First, Setting $g(x)=f(x)-f(\frac{x}{2})$ we have $$g(x)-g(\frac{x}{2})=x^2 \\ f(x)-f(\frac{x}{2})=g(x) \tag{*}$$

We solve the first equation.

By induction $$g(x)-g(\frac{x}{2^{n}})=x^2+\frac{x^2}{4}+\frac{x^2}{16}+...+\frac{x^2}{4^{n-1}}=x^2 \frac{1-\frac{1}{4^n}}{1-\frac{1}{4}}$$

Since $f$ is continuous at $x=0$, so is $g$. Taking the limit by $n$ you get $$g(x)-g(0)=\frac{4}{3} x^2$$

Moreover, $f(x)-f(\frac{x}{2})=g(x)$ implies $g(0)=0$.

Now, we need to solve $$f(x)-f(\frac{x}{2})=\frac{4}{3}x^2$$ which is exactly the equation above, multiplies by $\frac{4}{3}$. Therefore, solving exactly as above we get $$f(x)-f(0)=\frac{4}{3}\frac{4}{3}x^2=\frac{16}{9}x^2$$

This shows that $$f(x)=\frac{16}{9}x^2 +c$$ where $c=f(0)$ are all the solutions.

P.S. To make this more clear, the equation can be reduced via (*) to two equations of the type $$h(x)-h(\frac{x}{2})=r(x)$$ with $h, r$ continuous.
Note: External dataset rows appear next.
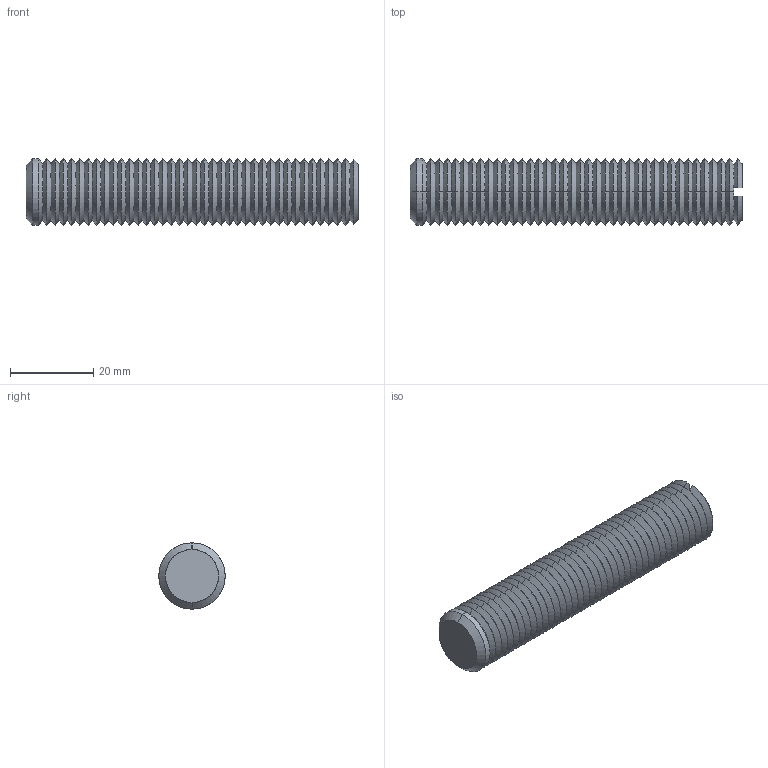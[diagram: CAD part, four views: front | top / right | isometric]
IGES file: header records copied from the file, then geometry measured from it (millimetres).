
Start section: SolidWorks IGES file using analytic representation for surfaces
Global section: file name: C:\Documents and Settings\IANO\Desktop\Temp File\Process pending\EXISTING\34300_v2\34300_v2_20170622_IGES\34300.W0168.igs; native system: SolidWorks 2009; preprocessor: SolidWorks 2009; author: IANO; date: 170622.094513; units: millimetre
Bounding box: 80 x 16 x 16 mm (x, y, z)
Surface area: 6199.5 mm2 (no closed solid volume)
Topology: 0 solids, 0 shells, 164 faces, 720 edges, 720 vertices
Faces by surface type: revolution 158, bspline 6
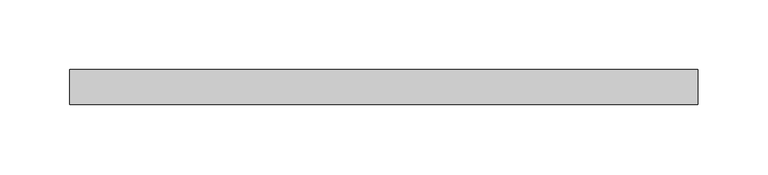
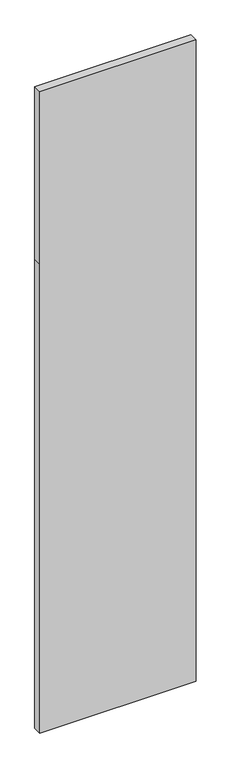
"""IFC4 building model written with IfcOpenShell, lengths in millimetres: plate geometry, Системная панель : ADSK_Cтеклопакет_25 мм."""

from ifc_helpers import new_model, si_unit, frame, origin, place, context, project, spatial, polyline, outline, extrude, source, transform, mapped, element, save


def plate_d651b3ad(model_context):
    return source(origin(), model_context, "Body", "SweptSolid", [
        extrude(outline(polyline([(0.0, -225.0), (0.0, 225.0), (1425.0, 225.0), (1950.0, 225.0), (1950.0, -225.0), (1425.0, -225.0), (0.0, -225.0)])), frame((0.0, -12.5, 0.0), z_axis=(0.0, 1.0, 0.0), x_axis=(0.0, 0.0, 1.0)), (0.0, 0.0, 1.0), 25.0),
    ])


if __name__ == "__main__":
    model = new_model("IFC4")
    model_context = context("Model", 3, world=origin())
    ifc_project = project(units=[si_unit("LENGTHUNIT", "METRE", prefix="MILLI")], contexts=[model_context])
    site = spatial("IfcSite", under=ifc_project)
    building = spatial("IfcBuilding", under=site)
    placement = place(None, origin())
    plate_shape = plate_d651b3ad(model_context)
    element("IfcPlate", 1, ObjectType="Системная панель : ADSK_Cтеклопакет_25 мм", at=placement, inside=building, context=model_context, shape_type="MappedRepresentation", body=[
        mapped(plate_shape, transform((0.0, 0.0, 0.0), x_axis=(1.0, 0.0, 0.0), y_axis=(0.0, 1.0, 0.0), z_axis=(0.0, 0.0, 1.0))),
    ])
    save(model, "model.ifc")

This equation can be solved as above: By induction $$h(x)-h(\frac{x}{2^n})=\sum_{k=0}^{n-1}r(\frac{x}{2^n})$$ Using the continuity of $h$ at $x=0$ (we don't even need $h$ to be continuous at other points) we get $$h(x)-h(0)=\sum_{k=0}^{\infty}r(\frac{x}{2^n})$$ (Note here that, if the series is divergent it implies that there is no solution which is defined at that $x$).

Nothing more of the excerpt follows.